# SOURCE DATA
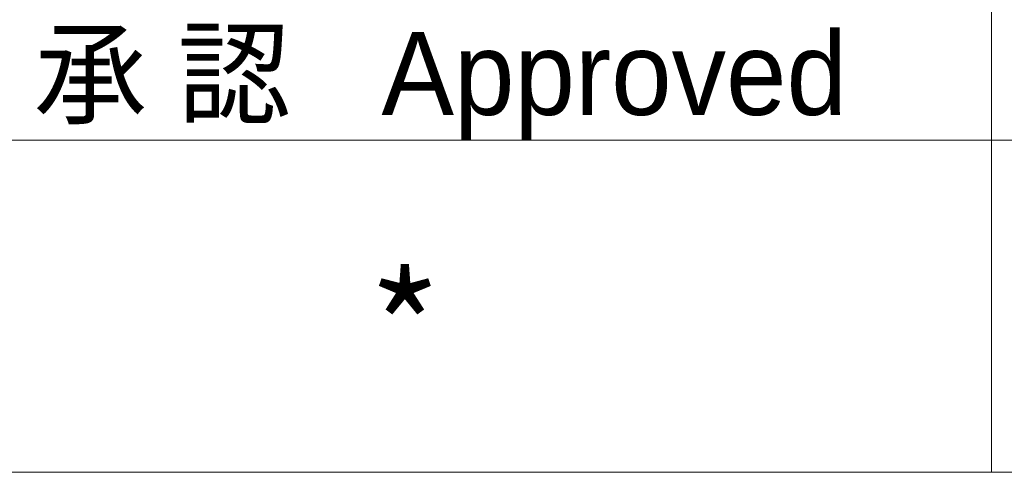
# Model space of a CAD drawing. Header units: millimetres. Extents: x -62 to 6744, y -106 to 4796.
# Tile 7 of 12: x 5277 to 5466, y 208 to 295. Entities that reach past the tile are written whole.
import ezdxf

# ---------------------------------------------------------------- set-up
doc = ezdxf.new("R2010")
doc.units = ezdxf.units.MM
doc.layers.get('0').update_dxf_attribs({"color": 157, "lineweight": 0})
doc.layers.add('2', color=176, linetype='Continuous', lineweight=0)
doc.styles.add('JIS', font='txt')

# ---------------------------------------------------------------- blocks, each defined once
blk = doc.blocks.new('TITLE_BLOCK', base_point=(6640, 80))
at = {"layer": '2', "color": 176, "linetype": 'Continuous', "lineweight": 0, "true_color": 0x000080}
for p, q in [((5464, 600), (5464, 208)), ((5240, 272), (6640, 272)), ((5240, 208), (6640, 208))]:
    blk.add_line(p, q, dxfattribs=at)
at = {"layer": '2', "color": 176, "linetype": 'Continuous', "lineweight": 0, "true_color": 0x000080, "style": 'JIS'}
blk.add_text('*', height=22, dxfattribs=at).set_placement((5343.62, 224.29))
at = {"layer": '2', "color": 176, "linetype": 'Continuous', "lineweight": 0, "true_color": 0x000080, "insert": (5279.69, 292.86), "char_height": 16, "width": 3420.8232, "attachment_point": 1, "style": 'JIS'}
blk.add_mtext('{\\fＭＳ Ｐ明朝|b0|i0|c0|p0;承 認   Approved}', dxfattribs=at)
blk = doc.blocks.new('FORMAT')
at = {"color": 176, "linetype": 'Continuous', "lineweight": 0, "true_color": 0x000080}
blk.add_blockref('TITLE_BLOCK', (6640, 80), dxfattribs=at)

msp = doc.modelspace()

# ---------------------------------------------------------------- block references
at = {"color": 176, "linetype": 'Continuous', "lineweight": 0, "true_color": 0x000080}
msp.add_blockref('FORMAT', (0, 0), dxfattribs=at)

doc.saveas('drawing.dxf')

# PROBLEM TO SOLVE
Your answer should be one number: how many lines in the material hold the word "units".

# EXERCISE OUTPUT
2